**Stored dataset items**
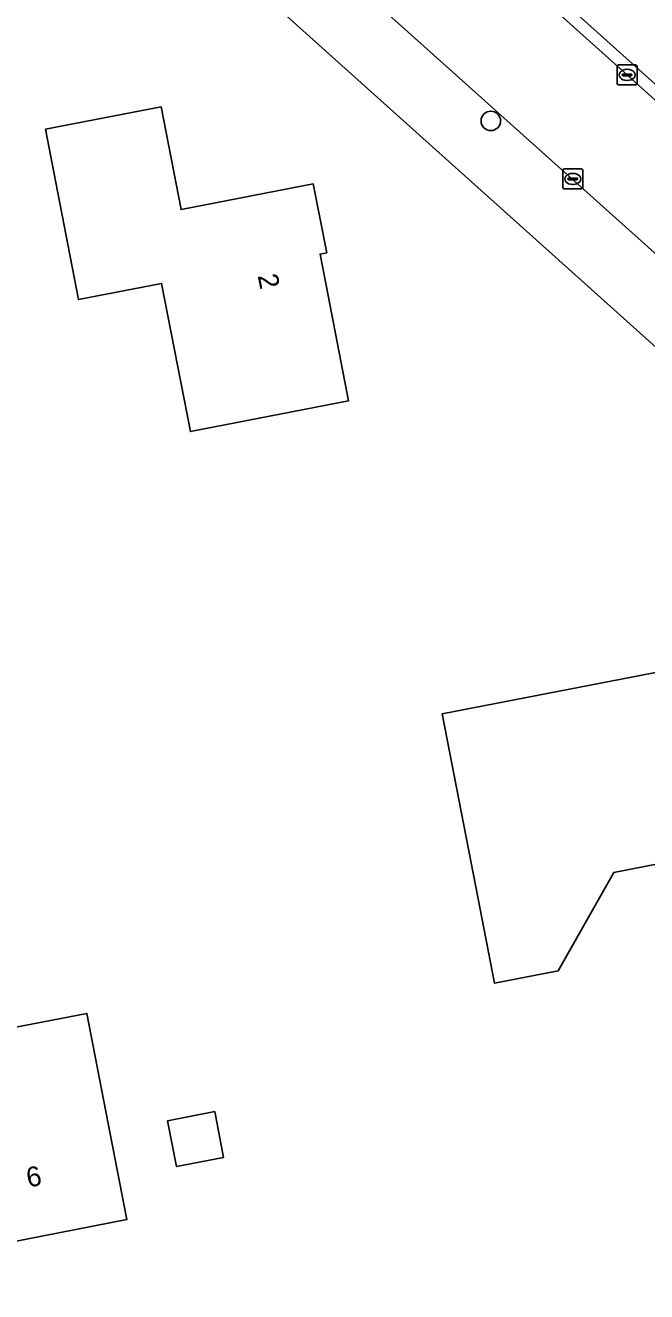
# Model space of a CAD drawing. Extents: x 157648 to 158502, y 379212 to 380938.
# Drawn here: x 158308.7 to 158339.9, y 380251.4 to 380315 of the extents above; entities that cross this region are included whole.
import ezdxf

# ---------------------------------------------------------------- set-up
doc = ezdxf.new("R2010")
doc.units = 0
for name, color, linetype in [('IMGEO_Boom', 7, 'Continuous'), ('IMGEO_Erf', 7, 'Continuous'), ('IMGEO_Kolk', 7, 'Continuous'), ('IMGEO_Pand', 7, 'Continuous'), ('IMGEO_Pand_nummerreeks', 7, 'Continuous'), ('IMGEO_Rijbaan_lokaal_open', 7, 'Continuous'), ('IMGEO_Voetpad_open', 7, 'Continuous')]:
    doc.layers.add(name, color=color, linetype=linetype)

msp = doc.modelspace()

# ---------------------------------------------------------------- linework, layer by layer
at = {"layer": 'IMGEO_Boom'}
msp.add_circle((158332.065, 380310.16), 0.489, dxfattribs=at)
at = {"layer": 'IMGEO_Erf'}
for points in [[(158355.536, 380284.979), (158355.63, 380285.086), (158319.878, 380317.192), (158319.785, 380317.098), (158313.914, 380322.39), (158312.921, 380322.194), (158264.365, 380312.705), (158256.222, 380311.09), (158254.843, 380310.82), (158258.955, 380273.913), (158254.984, 380250), (158254.861, 380249.262), (158262.709, 380236.893), (158282.59, 380240.787), (158328.358, 380249.669)], [(158328.87, 380322.271), (158368.445, 380286.775), (158375.993, 380286.676), (158378.309, 380289.272), (158394.201, 380307.087)]]:
    msp.add_lwpolyline(points, dxfattribs=at)
for points in [[(158311.388, 380301.195), (158309.725, 380309.738), (158315.527, 380310.867), (158316.532, 380305.706), (158318.251, 380306.041), (158323.159, 380306.996), (158323.831, 380303.545), (158323.499, 380303.48), (158324.933, 380296.113), (158316.998, 380294.568), (158315.551, 380302.005)], [(158329.622, 380280.401), (158343.351, 380283.073), (158344.504, 380277.15), (158349.423, 380278.107), (158350.945, 380270.286), (158344.65, 380269.061), (158343.781, 380273.526), (158338.235, 380272.446), (158335.451, 380267.512), (158332.252, 380266.889), (158331.428, 380271.121)], [(158312.856, 380259.93), (158313.811, 380255.022), (158305.427, 380253.39), (158304.888, 380256.162), (158304.62, 380257.539), (158298.23, 380256.295), (158298.498, 380254.918), (158294.555, 380254.15), (158293.6, 380259.058), (158293.23, 380260.956), (158303.541, 380262.963), (158303.39, 380263.739), (158302.817, 380266.684), (158303.608, 380267.856), (158306.052, 380268.332), (158307.224, 380267.542), (158307.797, 380264.597), (158311.796, 380265.375)], [(158318.216, 380260.442), (158318.662, 380258.148), (158316.299, 380257.688), (158315.852, 380259.982)]]:
    msp.add_lwpolyline(points, close=True, dxfattribs=at)
at = {"layer": 'IMGEO_Kolk'}
for p, q in [((158338.4, 380312.042), (158338.4, 380312.894)), ((158338.475, 380312.968), (158339.327, 380312.968)), ((158338.888, 380312.748), (158338.913, 380312.748)), ((158339.401, 380312.894), (158339.401, 380312.042)), ((158339.327, 380311.968), (158338.475, 380311.968)), ((158338.659, 380312.462), (158338.659, 380312.474)), ((158339.097, 380312.425), (158338.699, 380312.425)), ((158338.702, 380312.511), (158339.1, 380312.511)), ((158338.911, 380312.188), (158338.886, 380312.188)), ((158339.143, 380312.474), (158339.143, 380312.462)), ((158335.678, 380306.821), (158335.678, 380307.673)), ((158335.753, 380307.747), (158336.605, 380307.747)), ((158336.166, 380307.527), (158336.191, 380307.527)), ((158336.679, 380307.673), (158336.679, 380306.821)), ((158335.937, 380307.241), (158335.937, 380307.253)), ((158336.375, 380307.204), (158335.977, 380307.204)), ((158335.98, 380307.29), (158336.378, 380307.29)), ((158336.189, 380306.967), (158336.164, 380306.967)), ((158336.421, 380307.253), (158336.421, 380307.241)), ((158336.605, 380306.747), (158335.753, 380306.747))]:
    msp.add_line(p, q, dxfattribs=at)
for points in [[(158338.4, 380312.042), (158338.4, 380312.894)], [(158338.475, 380312.968), (158339.327, 380312.968)], [(158339.401, 380312.894), (158339.401, 380312.042)], [(158339.327, 380311.968), (158338.475, 380311.968)], [(158335.678, 380306.821), (158335.678, 380307.673)], [(158335.753, 380307.747), (158336.605, 380307.747)], [(158336.679, 380307.673), (158336.679, 380306.821)], [(158336.605, 380306.747), (158335.753, 380306.747)]]:
    msp.add_lwpolyline(points, dxfattribs=at)
for centre, radius, start, end in [((158338.477, 380312.892), 0.0765, 91.55205, 178.44795), ((158338.477, 380312.892), 0.0765, 91.55205, 178.44795), ((158339.325, 380312.892), 0.0765, 1.55205, 88.44795), ((158339.325, 380312.892), 0.0765, 1.55205, 88.44795), ((158338.477, 380312.044), 0.0765, 181.55205, 268.44795), ((158338.477, 380312.044), 0.0765, 181.55205, 268.44795), ((158338.699, 380312.471), 0.0403, 85.87752, 175.75265), ((158338.696, 380312.461), 0.0366, 178.93798, 274.71019), ((158339.1, 380312.468), 0.043, 264.86636, 352.45326), ((158339.104, 380312.473), 0.0386, 1.73085, 96.63898), ((158339.325, 380312.044), 0.0765, 271.55205, 358.44795), ((158339.325, 380312.044), 0.0765, 271.55205, 358.44795), ((158335.755, 380307.671), 0.0765, 91.55205, 178.44795), ((158335.755, 380307.671), 0.0765, 91.55205, 178.44795), ((158336.603, 380307.671), 0.0765, 1.55205, 88.44795), ((158336.603, 380307.671), 0.0765, 1.55205, 88.44795), ((158335.977, 380307.25), 0.0403, 85.87752, 175.75265), ((158335.974, 380307.24), 0.0366, 178.93798, 274.71019), ((158336.378, 380307.247), 0.043, 264.86636, 352.45326), ((158336.382, 380307.252), 0.0386, 1.73085, 96.63898), ((158335.755, 380306.823), 0.0765, 181.55205, 268.44795), ((158335.755, 380306.823), 0.0765, 181.55205, 268.44795), ((158336.603, 380306.823), 0.0765, 271.55205, 358.44795), ((158336.603, 380306.823), 0.0765, 271.55205, 358.44795)]:
    msp.add_arc(centre, radius, start, end, dxfattribs=at)
for centre, major_axis, ratio, start_param, end_param in [((158338.887, 380312.468), (-0.387, 0.002), 0.722429, 4.712389, 7.853982), ((158338.912, 380312.468), (-0.39, 0.002), 0.717154, 1.570796, 4.712389), ((158336.165, 380307.247), (-0.387, 0.002), 0.722429, 4.712389, 7.853982), ((158336.19, 380307.247), (-0.39, 0.002), 0.717154, 1.570796, 4.712389)]:
    msp.add_ellipse(centre, major_axis=major_axis, ratio=ratio, start_param=start_param, end_param=end_param, dxfattribs=at)
at = {"layer": 'IMGEO_Pand'}
for points in [[(158315.527, 380310.867), (158309.725, 380309.738), (158311.388, 380301.195), (158315.551, 380302.005), (158316.998, 380294.568), (158324.933, 380296.113), (158323.499, 380303.48), (158323.831, 380303.545), (158323.159, 380306.996), (158318.251, 380306.041), (158316.532, 380305.706)], [(158343.351, 380283.073), (158329.622, 380280.401), (158331.428, 380271.121), (158332.252, 380266.889), (158335.451, 380267.512), (158338.235, 380272.446), (158343.781, 380273.526), (158344.65, 380269.061), (158350.945, 380270.286), (158349.423, 380278.107), (158344.504, 380277.15)], [(158312.856, 380259.93), (158311.796, 380265.375), (158307.797, 380264.597), (158307.224, 380267.542), (158306.052, 380268.332), (158303.608, 380267.856), (158302.817, 380266.684), (158303.39, 380263.739), (158303.541, 380262.963), (158293.23, 380260.956), (158293.6, 380259.058), (158294.555, 380254.15), (158298.498, 380254.918), (158298.23, 380256.295), (158304.62, 380257.539), (158304.888, 380256.162), (158305.427, 380253.39), (158313.811, 380255.022)], [(158316.299, 380257.688), (158318.662, 380258.148), (158318.216, 380260.442), (158315.852, 380259.982)]]:
    msp.add_lwpolyline(points, close=True, dxfattribs=at)
at = {"layer": 'IMGEO_Rijbaan_lokaal_open'}
for points in [[(158369.829, 380284.728), (158368.046, 380286.323), (158351.223, 380301.374), (158347.107, 380305.076), (158338.137, 380313.159), (158333.974, 380316.904), (158322.192, 380327.468)], [(158315.578, 380325.699), (158316.461, 380324.918), (158316.931, 380324.502), (158319.899, 380321.823), (158358.695, 380287.026), (158363.19, 380282.962), (158365.367, 380281.05), (158374.084, 380273.393), (158375.361, 380274.822)]]:
    msp.add_lwpolyline(points, dxfattribs=at)
at = {"layer": 'IMGEO_Voetpad_open'}
for points in [[(158322.192, 380327.468), (158333.974, 380316.904), (158338.137, 380313.159), (158347.107, 380305.076), (158351.223, 380301.374), (158368.046, 380286.323), (158368.445, 380286.775), (158328.87, 380322.271)], [(158319.899, 380321.823), (158316.931, 380324.502), (158316.461, 380324.918), (158313.914, 380322.39), (158319.785, 380317.098), (158319.878, 380317.192), (158355.63, 380285.086), (158355.536, 380284.979), (158362.946, 380278.347)], [(158365.367, 380281.05), (158363.19, 380282.962), (158362.892, 380282.636), (158358.392, 380286.698), (158358.695, 380287.026), (158319.899, 380321.823)]]:
    msp.add_lwpolyline(points, dxfattribs=at)

# ---------------------------------------------------------------- texts
at = {"layer": 'IMGEO_Pand_nummerreeks'}
for s, rotation, p in [('2', 281.01499, (158320.369, 380302.393)), ('6', 11.01524, (158308.867, 380256.628))]:
    msp.add_text(s, height=1, rotation=rotation, dxfattribs=at).set_placement(p)

doc.saveas('drawing.dxf')

**Directions**
Pictures are to be left out, and the lines from the beginning of the records through the line with "doc.units = 0" are to be printed exactly, with nothing added.

**Solved problem**
# Model space of a CAD drawing. Extents: x 157648 to 158502, y 379212 to 380938.
# Drawn here: x 158308.7 to 158339.9, y 380251.4 to 380315 of the extents above; entities that cross this region are included whole.
import ezdxf

# ---------------------------------------------------------------- set-up
doc = ezdxf.new("R2010")
doc.units = 0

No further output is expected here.